A mancare, insomma, sembra essere stata la volontà politica. «Noi con l’associazione e la fondazione abbiamo provato con le amministrazioni precedenti a mettere in campo ricerche e studi epidemiologici, con delle convenzioni con l’università di Catania». Accordi disattesi, come quello del 2006 (sindacatura Crocetta) col dipartimento di scienze biologiche nel quale era stato siglato un protocollo d’intesa, in aggiunta a un progetto di monitoraggio sia della flora che della fauna oltre che dell’uomo. E quello del 2014 che prevedeva uno studio osservazionale con tre borse di studio per giovani ricercatori, sempre con la partnership dell’Università di Catania e dell’ospedale Vittorio Emanuele. «I soldi li doveva mettere il Comune – osserva Rinciani -. Le cifre non erano spaventose. Per il primo caso ad esempio erano necessari circa 120mila euro; e se penso che solo per le luminarie per la festa della patrona ci vogliono 50mila euro il rammarico sale». 
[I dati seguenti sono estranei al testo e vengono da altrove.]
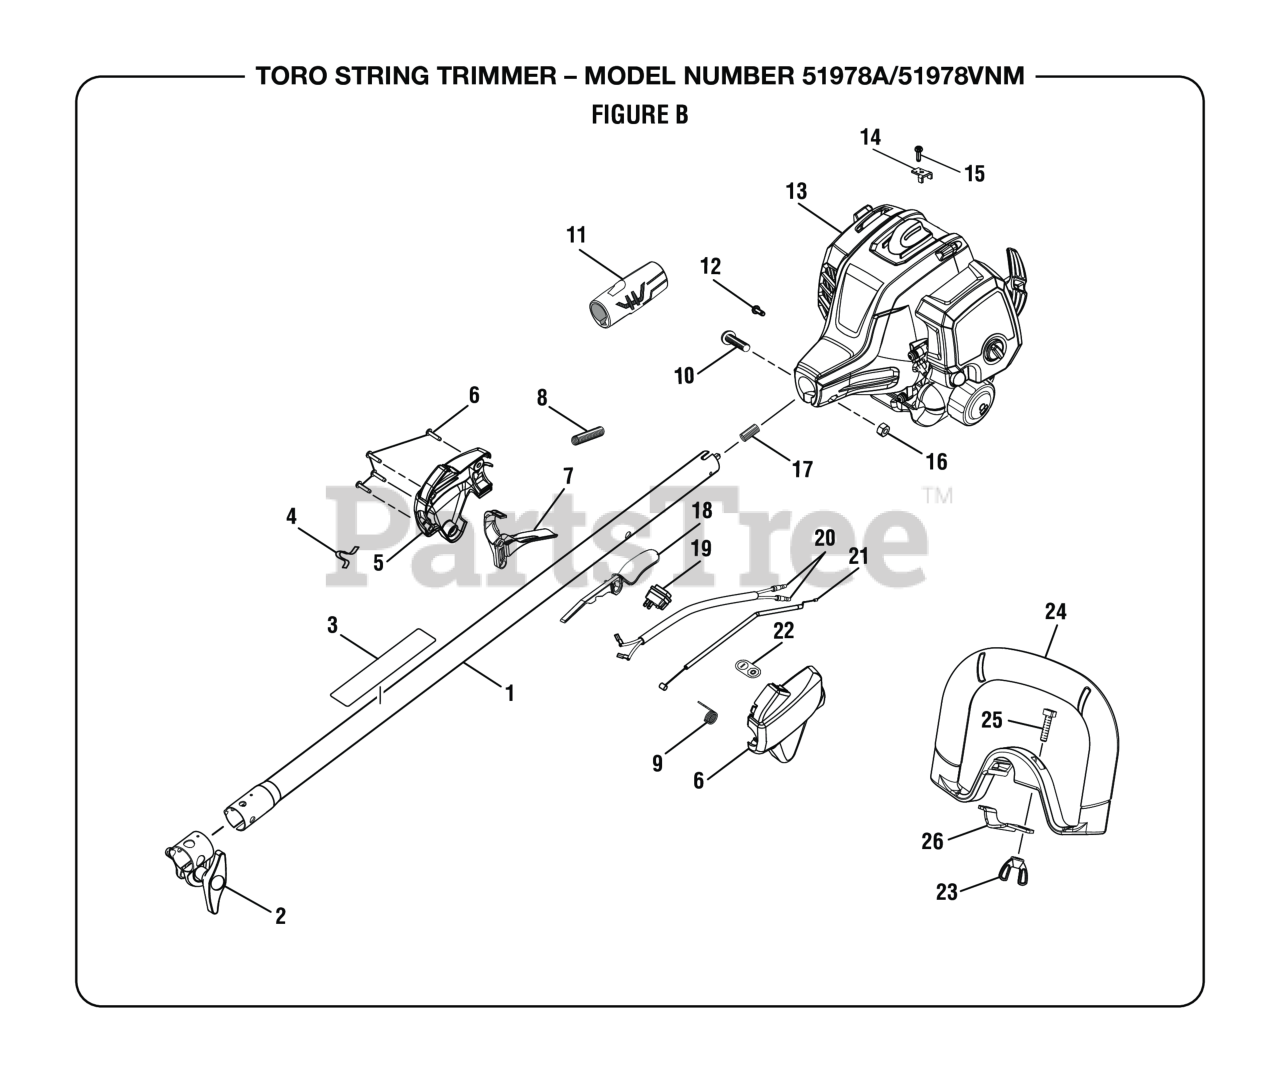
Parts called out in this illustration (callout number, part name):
1	Upper Boom Assembly
2	Boom Clamp Assembly
3	Warning Icon Label
4	Shoulder Strap Hook
5	Control Handle Assembly
6	Screw (M4 x 20 mm, T20 Torx Pan Hd. S.T.)
8	Corrugated Tube (225 mm)
9	Torsion Spring (Throttle Trigger)
10	Screw (M6 x 30 mm, T27 Torx Button Hd.)
11	Rear Handle Grip
12	Screw (M4 x 8 mm, T25 Torx Pan Hd. T.F.)
13	Powerhead Assembly
14	THROTTLE CABLE CLAMP
15	Screw (M4 x 16 mm, T20 Torx Pan Hd. S.T.)
16	Hex Nut (M6.3 x 1)
17	COMPRESSION SPRING
18	Trigger Lock
19	On/Stop Switch
20	Lead Assembly
21	Throttle Cable
22	On/Stop Label
23	Wing Nut (1/4-20, Plastic)
24	Front Handle w/Grip
25	Bolt (1/4-20 x 1 in., Square Hd.)
26	Front Handle Clamp
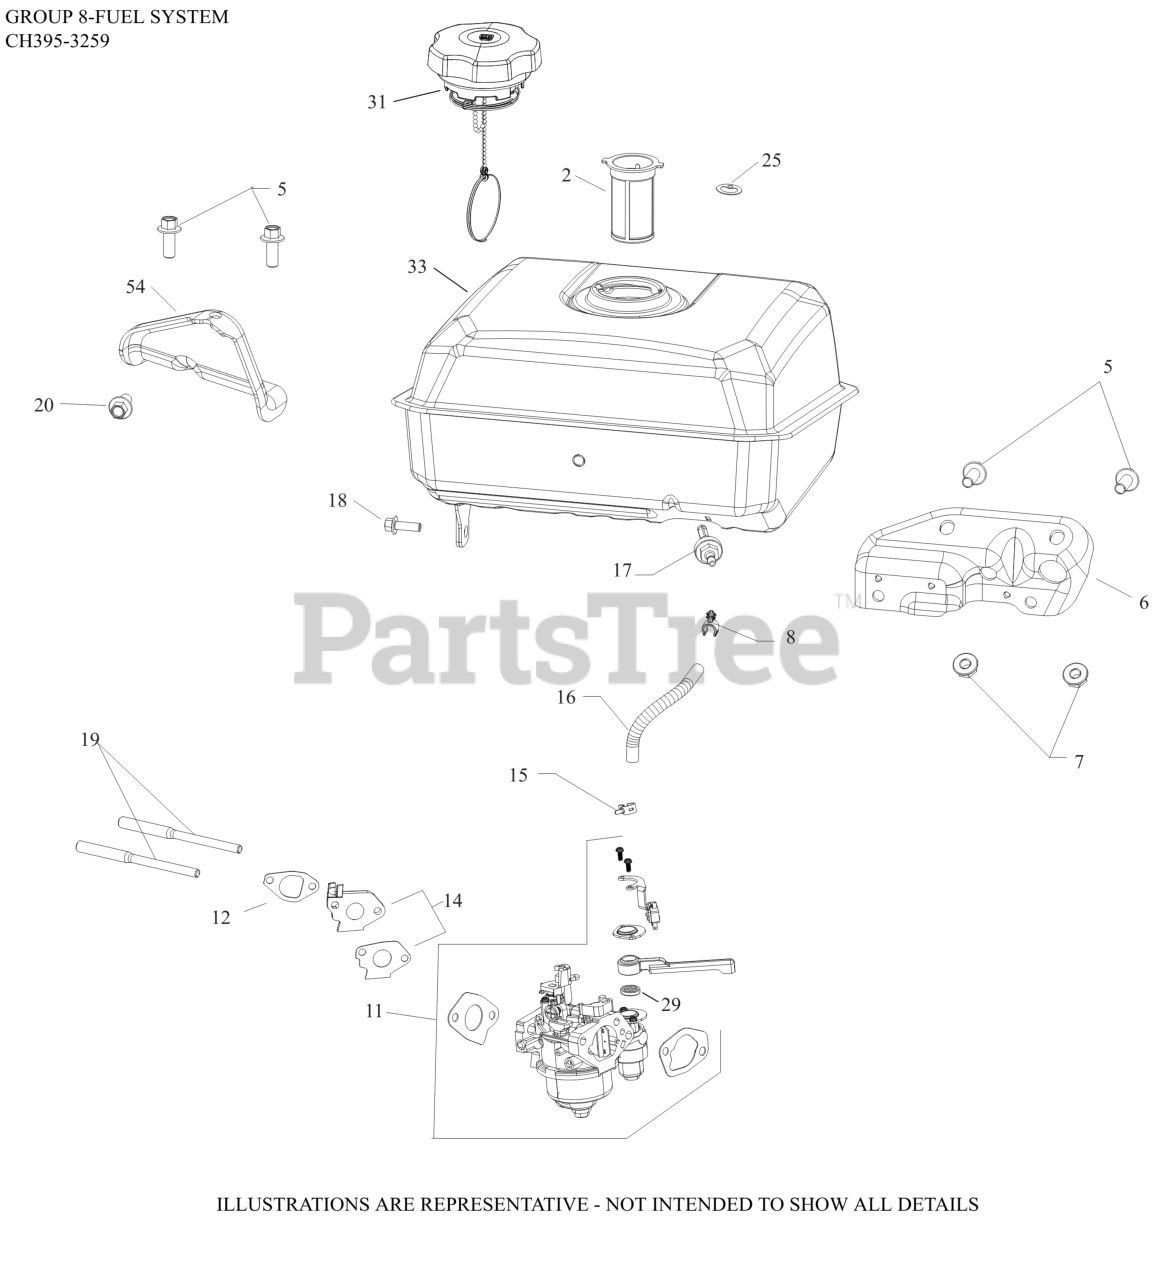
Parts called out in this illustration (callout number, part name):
2	FILTER, FUEL TANK
5	SCREW, M8 X 20
6	BRACKET, FUEL SUPPORT ASSEMBLY
7	NUT, FLG M8X1.25
8	CLIP, FUEL HOSE
11	KIT, CARBURETOR COMPLETE
12	KIT, INTAKE GASKETS
14	INSULATOR AND GASKET KIT
15	CLAMP, FUEL LINE
16	LINE, FUEL (10"-CUT TO LENGTH)
17	FITTING, FUEL ASSY
18	SCREW, M6 X18
19	STUD, CARBURETOR
20	SCREW, FLG 8X1.25X16
25	KIT, FUEL SCREEN
29	SEAL, INLET VALVE
31	CAP, FUEL ASSEMBLY
33	TANK, FUEL
54	BRACKET, FUEL SUPPORT
NI	KIT, HIGH ALTITUDE (4,000-8,000 FT)
NI	KIT, HIGH ALTITUDE (ABOVE 8,000 FT.)
NI	KIT, CARBURETOR REPAIR
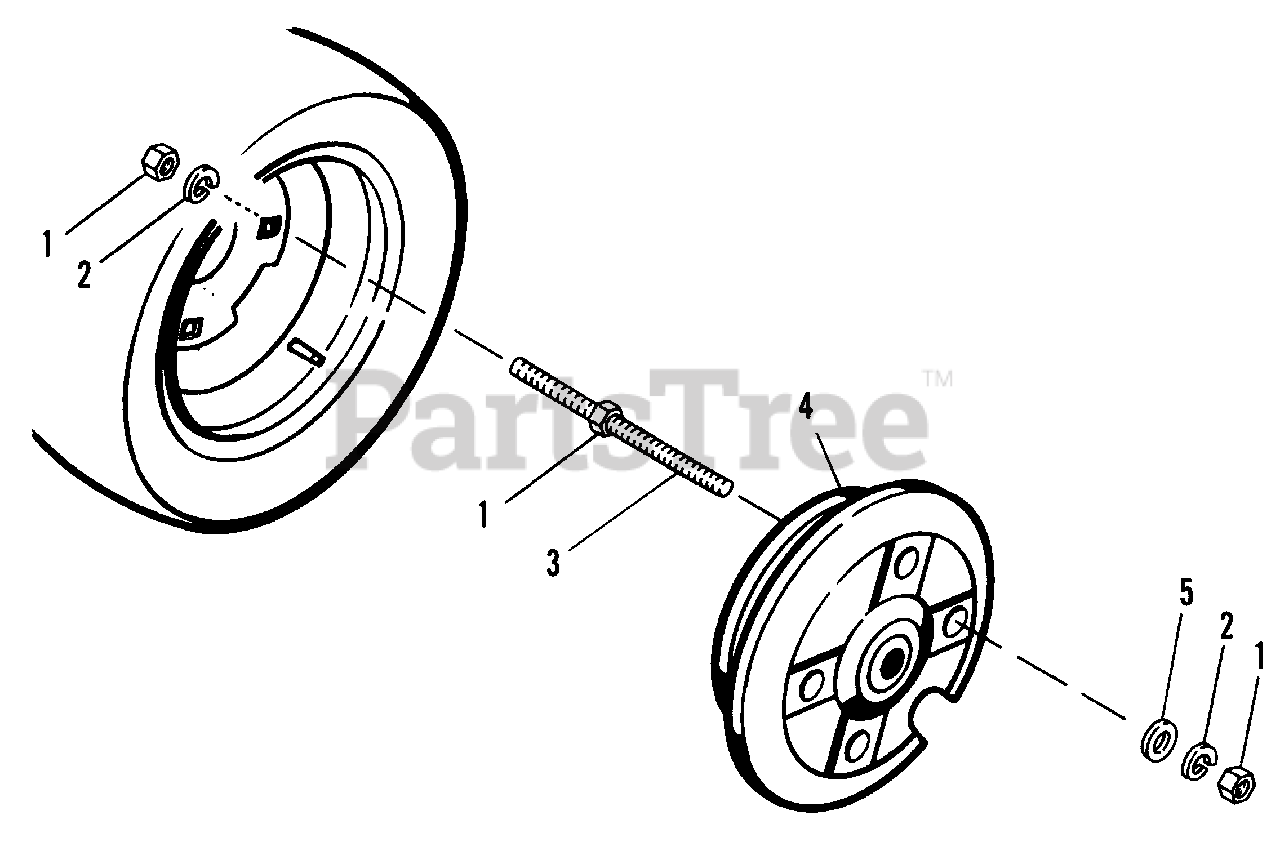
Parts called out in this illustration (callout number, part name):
1	NUT, Hex, Full, 1/2-13
2	LOCKWASHER, 1/2
3	ROD, Threaded
4	WEIGHT, Wheel
5	WASHER, Plain, 1/2 (1690411)
5	WASHER, 1/2 (1691352)

Così il pediatra torna a lanciare analisi e sfide. «Siamo a una svolta in questa città, dal punto di vista economico, politico e sociale. Se la nuova amministrazione vuole essere di rottura rispetto al passato, deve cominciare a dare risposte in tal senso». Anche perchè il tempo passa ma le questioni aperte rimangono. «In due giorni ho visitato due bambini che non avevo in cura e che hanno delle malformazioni. E questi sono quelli che sono capitati a me». Sono tanti poi gli studi che confermano le parole del dottore. «Sì, ma cosa ci dicono questi studi? Solo che dal punto di vista epidemiologico c’è una più alta incidenza – spiega Rinciani -. A noi deve interessare capire dove interviene questo fattore, o meglio questi fattori, che determinano i dati in eccesso e come intervenire. Noi dobbiamo cercare gli strumenti per intervenire prima, fare prevenzione quantomeno secondaria se non possiamo fare quella primaria. Cioè conoscere la causa e dove agisce cercare di interrompere questo circuito». La chiave per Rinciani è dunque la ricerca. Anche per attrarre le eccellenze.

«Si creerebbe una sorta di turismo sanitario. La nostra diventerebbe un’economia aperta, perchè ci sarebbe un flusso di denaro che viene da fuori. Per non fare in modo che dell’industria rimangano solo i danni si deve agire ora, prima che sia troppo tardi».